2025 American crewed spaceflight to the ISS

SpaceX Crew-10 was the tenth operational NASA Commercial Crew Program flight and the 16th crewed orbital flight of a Crew Dragon spacecraft. The mission transported four crew members — NASA astronauts Anne McClain and Nichole Ayers, JAXA astronaut Takuya Onishi, and Roscosmos cosmonaut Kirill Peskov — to the International Space Station (ISS). The mission launched on March 14, 2025, 23:03:48 UTC (7:03:48 PM EDT) from Launch Complex 39A at Kennedy Space Center.

== Crew ==

Prime crew
| Position | Crew |  |
|---|---|---|
| Commander | Anne McClain, NASA Expedition 72/73 Second spaceflight |  |
| Pilot | Nichole Ayers, NASA Expedition 72/73 First spaceflight |  |
| Mission specialist | Takuya Onishi, JAXA Expedition 72/73 Second spaceflight |  |
| Mission specialist | Kirill Peskov, Roscosmos Expedition 72/73 First spaceflight |  |

Backup crew
| Position | Crew |  |
|---|---|---|
| Mission specialist | Oleg Platonov, Roscosmos |  |

== Mission ==

The tenth SpaceX operational mission in the Commercial Crew Program was initially scheduled for launch in February 2025. This mission was to see the maiden flight of , the fifth and potentially final Crew Dragon spacecraft. The launch was ultimately postponed by one month to late March 2025 to allow SpaceX and NASA to complete final testing and integration of the new spacecraft. However, because NASA believed that C213 would not be ready for its debut launch until late April, the mission was reassigned to , allowing the launch date to be moved up to earlier in March.

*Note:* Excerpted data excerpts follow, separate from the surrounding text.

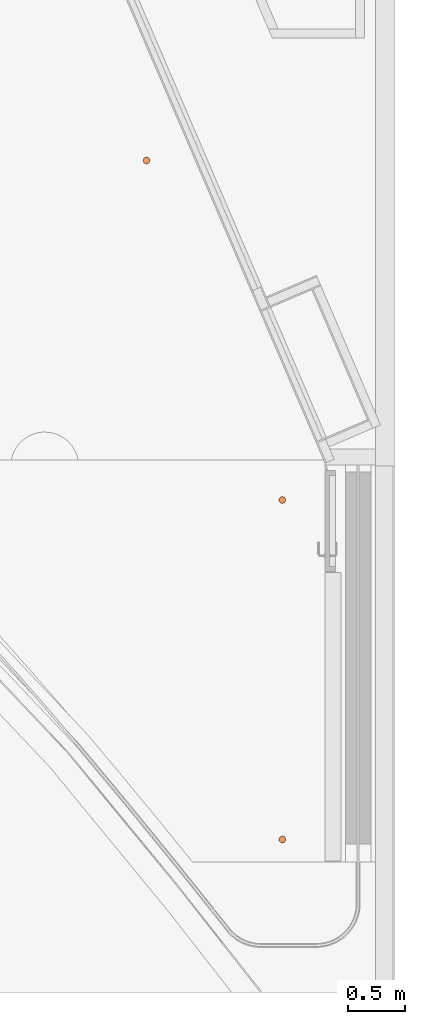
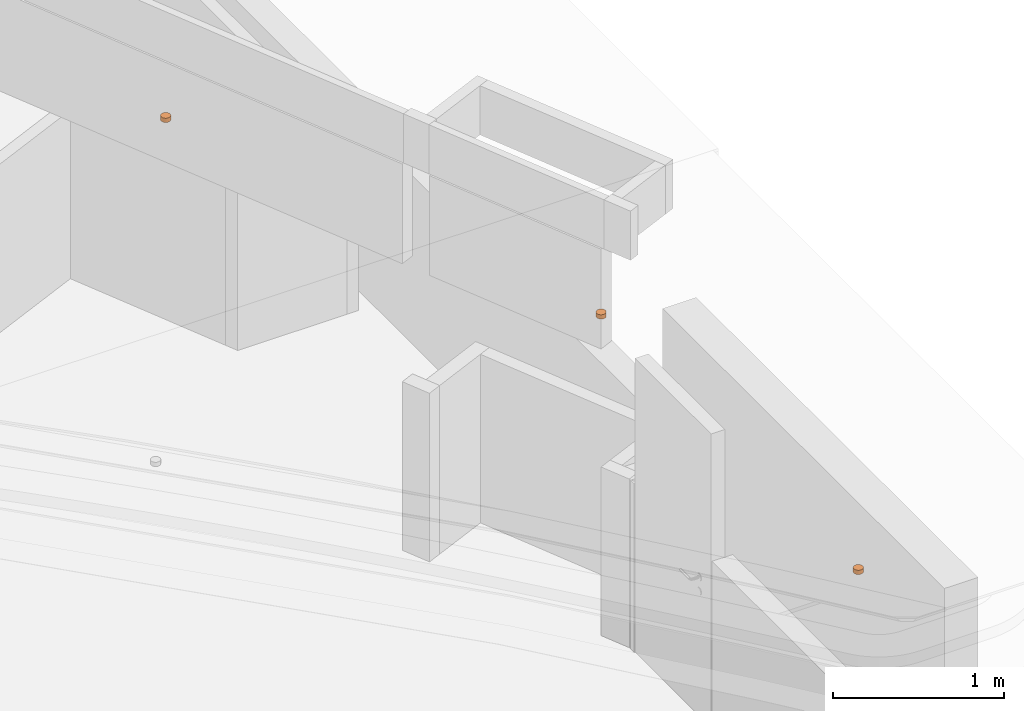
# One storey, part 14 of 16: 3 proxies.
"""IFC2X3 building model written with IfcOpenShell, lengths in millimetres."""

from ifc_helpers import new_model, entity, si_unit, converted_unit, derived_unit, direction, frame, frame_2d, origin, origin_with_axes, place, context, subcontext, project, spatial, circle, extrude, source, transform, mapped, material, type_object, element, save


model = new_model("IFC2X3")

# Units and contexts
model_context = context("Model", 3, precision=0.01, world=frame((0.0, 4.29681676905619e-09, 0.0)), true_north=direction((4.01073788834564e-13, 1.0)))
plan_context = context("Plan", 3, precision=0.01, world=frame((0.0, 4.29681676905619e-09, 0.0)), true_north=direction((4.01073788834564e-13, 1.0)))
body_context = subcontext(model_context, "Body", "Model", "MODEL_VIEW")
ifc_project = project(units=[converted_unit("PLANEANGLEUNIT", "DEGREE", entity("IfcPositiveLengthMeasure", 0.0174532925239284), si_unit("PLANEANGLEUNIT", "RADIAN"), dimensions=[0, 0, 0, 0, 0, 0, 0]), si_unit("AREAUNIT", "SQUARE_METRE"), si_unit("LENGTHUNIT", "METRE", prefix="MILLI"), si_unit("MASSUNIT", "GRAM", prefix="KILO"), si_unit("POWERUNIT", "WATT"), si_unit("PRESSUREUNIT", "PASCAL"), si_unit("FORCEUNIT", "NEWTON", prefix="KILO"), si_unit("ELECTRICCURRENTUNIT", "AMPERE"), si_unit("THERMODYNAMICTEMPERATUREUNIT", "DEGREE_CELSIUS"), si_unit("TIMEUNIT", "SECOND"), si_unit("VOLUMEUNIT", "CUBIC_METRE"), derived_unit("LINEARVELOCITYUNIT", [(si_unit("LENGTHUNIT", "METRE"), 1), (si_unit("TIMEUNIT", "SECOND"), -1)]), derived_unit("VOLUMETRICFLOWRATEUNIT", [(si_unit("VOLUMEUNIT", "CUBIC_METRE"), 1), (si_unit("TIMEUNIT", "SECOND"), -1)]), derived_unit("THERMALTRANSMITTANCEUNIT", [(si_unit("POWERUNIT", "WATT"), 1), (si_unit("THERMODYNAMICTEMPERATUREUNIT", "KELVIN"), -1), (si_unit("AREAUNIT", "SQUARE_METRE"), -1)])], contexts=[model_context, plan_context])

# Site, building, storey
site_placement = place(None, origin_with_axes())
site = spatial("IfcSite", under=ifc_project, at=site_placement, Name="ENGM", CompositionType="ELEMENT")
building_placement = place(site_placement, origin_with_axes())
building = spatial("IfcBuilding", under=site, at=building_placement, Name="TS", CompositionType="ELEMENT")
storey_placement = place(building_placement, frame((0.0, 0.0, 204000.0), z_axis=(0.0, 0.0, 1.0), x_axis=(1.0, 0.0, 0.0)))
storey = spatial("IfcBuildingStorey", under=building, at=storey_placement, Name="Nivå D", CompositionType="ELEMENT", Elevation=204000.0)

# Proxies
ifc_material = material(Name="<Unnamed>")
building_element_proxy_type = type_object("IfcBuildingElementProxyType", Name="V333 - Sprinkelhode:V333 - Sprinkelhode", PredefinedType="NOTDEFINED", material=ifc_material)
shared_shape = source(origin(), body_context, "Body", "SweptSolid", [
    extrude(circle(Radius=30.0, at=frame_2d((-6.55042322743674e-16, -4.84663372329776e-14), x_axis=(1.0, 0.0))), frame((0.0, 0.0, 2418.4)), (0.0, 0.0, 1.0), 29.9999999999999),
])
for number, where, z_axis, x_axis, name in (
    (1, (531100.000000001, 405199.999999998, 271.600000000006), (0.0, 0.0, 1.0), (1.0, 0.0, 0.0), "V333 - Sprinkelhode:V333 - Sprinkelhode"),
    (2, (529900.000000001, 408199.999999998, 271.600000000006), (0.0, 0.0, 1.0), (1.0, 0.0, 0.0), "V333 - Sprinkelhode:V333 - Sprinkelhode"),
    (3, (531100.000000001, 402199.999999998, 271.600000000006), (0.0, 0.0, 1.0), (1.0, 0.0, 0.0), "V333 - Sprinkelhode:V333 - Sprinkelhode"),
):
    element("IfcBuildingElementProxy", number, at=place(storey_placement, frame(where, z_axis=z_axis, x_axis=x_axis)), inside=storey, type_object=building_element_proxy_type, material=ifc_material, Name=name, ObjectType="V333 - Sprinkelhode:V333 - Sprinkelhode", context=body_context, shape_type="MappedRepresentation", body=[
        mapped(shared_shape, transform((0.0, 0.0, 0.0), scale=1.0)),
    ])

save(model, "model.ifc")

The launch attempt on March 12, 2025 was scrubbed about 44 minutes before the planned liftoff time due to a suspected pocket of air trapped in the hydraulics on one of the clamps on the strongback that restrains and stabilizes the second stage of the Falcon 9 rocket while it stands vertically on the launch pad before launch.

The mission ended with a splashdown in the Pacific Ocean on August 9, 2025.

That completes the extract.